*** Data records ***

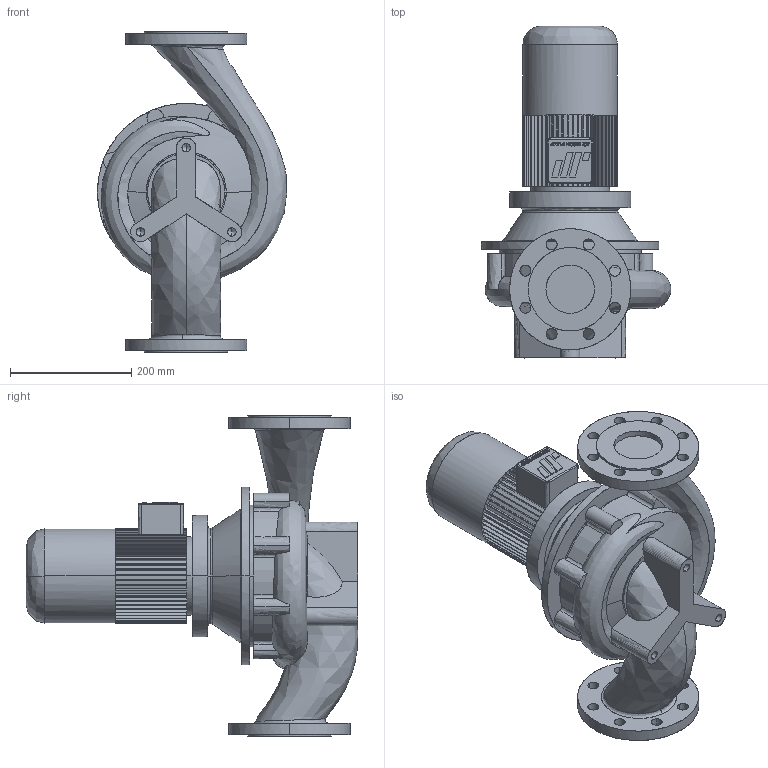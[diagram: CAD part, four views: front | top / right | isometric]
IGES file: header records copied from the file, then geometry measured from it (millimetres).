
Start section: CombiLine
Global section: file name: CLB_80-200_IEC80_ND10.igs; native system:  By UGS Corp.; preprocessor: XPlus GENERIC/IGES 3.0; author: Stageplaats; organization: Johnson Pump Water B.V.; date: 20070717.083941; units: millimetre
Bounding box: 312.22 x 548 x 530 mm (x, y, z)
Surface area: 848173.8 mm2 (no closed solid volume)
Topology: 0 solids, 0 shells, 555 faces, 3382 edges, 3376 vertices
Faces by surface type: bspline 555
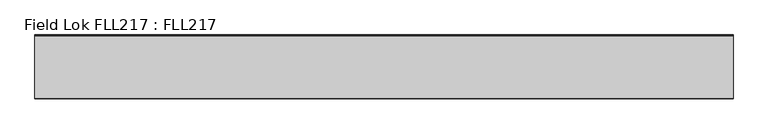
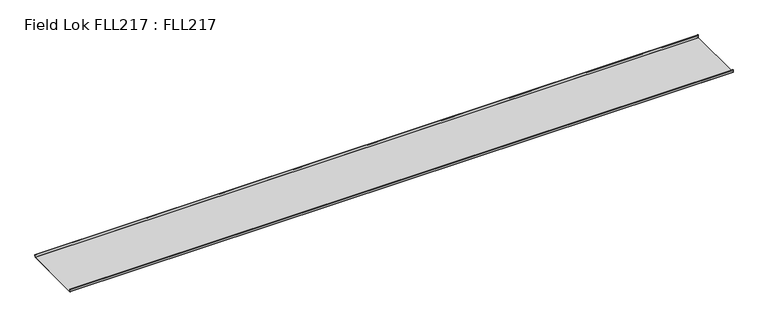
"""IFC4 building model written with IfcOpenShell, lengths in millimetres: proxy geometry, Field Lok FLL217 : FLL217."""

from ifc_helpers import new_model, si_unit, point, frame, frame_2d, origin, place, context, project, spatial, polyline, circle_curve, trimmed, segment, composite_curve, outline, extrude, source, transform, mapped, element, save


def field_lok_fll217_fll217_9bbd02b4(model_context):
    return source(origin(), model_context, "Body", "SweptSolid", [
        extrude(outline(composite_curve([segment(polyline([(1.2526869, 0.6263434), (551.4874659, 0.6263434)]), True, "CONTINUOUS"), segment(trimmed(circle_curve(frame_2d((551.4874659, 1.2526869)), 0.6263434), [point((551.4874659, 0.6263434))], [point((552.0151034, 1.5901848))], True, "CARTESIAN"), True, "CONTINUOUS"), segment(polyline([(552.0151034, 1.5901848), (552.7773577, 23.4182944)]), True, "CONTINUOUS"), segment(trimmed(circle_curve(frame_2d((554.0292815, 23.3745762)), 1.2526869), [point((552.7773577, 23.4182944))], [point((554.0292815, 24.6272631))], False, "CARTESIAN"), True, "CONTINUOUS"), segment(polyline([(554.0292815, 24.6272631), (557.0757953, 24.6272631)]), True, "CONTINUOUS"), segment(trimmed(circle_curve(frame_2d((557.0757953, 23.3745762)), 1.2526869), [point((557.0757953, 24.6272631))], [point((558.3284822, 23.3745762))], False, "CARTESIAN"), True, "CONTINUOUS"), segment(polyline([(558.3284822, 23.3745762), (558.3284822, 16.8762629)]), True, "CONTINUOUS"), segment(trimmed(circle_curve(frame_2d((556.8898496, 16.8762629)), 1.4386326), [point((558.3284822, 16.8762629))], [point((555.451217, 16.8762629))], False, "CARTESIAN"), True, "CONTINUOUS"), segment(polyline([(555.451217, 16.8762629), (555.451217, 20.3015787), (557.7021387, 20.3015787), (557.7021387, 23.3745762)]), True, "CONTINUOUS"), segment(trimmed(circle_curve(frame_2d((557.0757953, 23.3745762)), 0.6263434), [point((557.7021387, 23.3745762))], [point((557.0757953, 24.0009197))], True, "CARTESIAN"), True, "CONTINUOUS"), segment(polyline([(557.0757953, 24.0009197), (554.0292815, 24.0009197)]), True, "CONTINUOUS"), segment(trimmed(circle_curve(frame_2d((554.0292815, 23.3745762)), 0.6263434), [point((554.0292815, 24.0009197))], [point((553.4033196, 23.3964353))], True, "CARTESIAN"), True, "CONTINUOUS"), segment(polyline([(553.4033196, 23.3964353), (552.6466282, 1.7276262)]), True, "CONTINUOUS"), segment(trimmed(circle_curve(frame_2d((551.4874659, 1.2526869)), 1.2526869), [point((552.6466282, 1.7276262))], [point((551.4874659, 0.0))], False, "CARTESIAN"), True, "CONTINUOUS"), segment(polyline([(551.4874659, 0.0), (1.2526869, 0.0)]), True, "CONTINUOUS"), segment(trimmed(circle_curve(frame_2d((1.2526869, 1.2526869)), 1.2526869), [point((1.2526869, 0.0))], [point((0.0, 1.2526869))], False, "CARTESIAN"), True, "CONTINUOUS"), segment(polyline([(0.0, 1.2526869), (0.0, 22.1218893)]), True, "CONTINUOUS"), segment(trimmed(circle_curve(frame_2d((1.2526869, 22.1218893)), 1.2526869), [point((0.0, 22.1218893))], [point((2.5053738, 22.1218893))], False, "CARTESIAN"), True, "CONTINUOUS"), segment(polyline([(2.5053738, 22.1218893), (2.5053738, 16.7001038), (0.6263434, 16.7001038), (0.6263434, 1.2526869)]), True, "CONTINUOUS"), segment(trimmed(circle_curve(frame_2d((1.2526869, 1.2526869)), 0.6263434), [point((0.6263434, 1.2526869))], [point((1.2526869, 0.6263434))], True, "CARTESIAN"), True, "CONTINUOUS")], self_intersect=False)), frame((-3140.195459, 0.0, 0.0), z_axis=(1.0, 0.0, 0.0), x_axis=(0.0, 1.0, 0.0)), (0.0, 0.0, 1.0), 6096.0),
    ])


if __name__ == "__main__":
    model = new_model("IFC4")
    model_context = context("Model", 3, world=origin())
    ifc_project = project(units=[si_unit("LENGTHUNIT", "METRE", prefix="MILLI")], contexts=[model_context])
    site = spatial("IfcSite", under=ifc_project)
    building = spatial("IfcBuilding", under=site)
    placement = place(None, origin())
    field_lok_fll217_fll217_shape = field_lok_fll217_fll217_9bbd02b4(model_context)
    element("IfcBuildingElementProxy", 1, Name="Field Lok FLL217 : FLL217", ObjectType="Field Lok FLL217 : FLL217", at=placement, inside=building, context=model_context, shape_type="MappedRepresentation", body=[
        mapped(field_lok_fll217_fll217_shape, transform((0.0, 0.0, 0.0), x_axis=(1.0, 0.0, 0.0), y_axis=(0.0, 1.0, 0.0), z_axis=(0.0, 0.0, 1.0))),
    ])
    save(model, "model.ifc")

*** End of Data records ***

• _Problem_
Copy every line of the listing that includes the string "section".

• _Exercise solution_
Start section: CombiLine
Global section: file name: CLB_80-200_IEC80_ND10.igs; native system:  By UGS Corp.; preprocessor: XPlus GENERIC/IGES 3.0; author: Stageplaats; organization: Johnson Pump Water B.V.; date: 20070717.083941; units: millimetre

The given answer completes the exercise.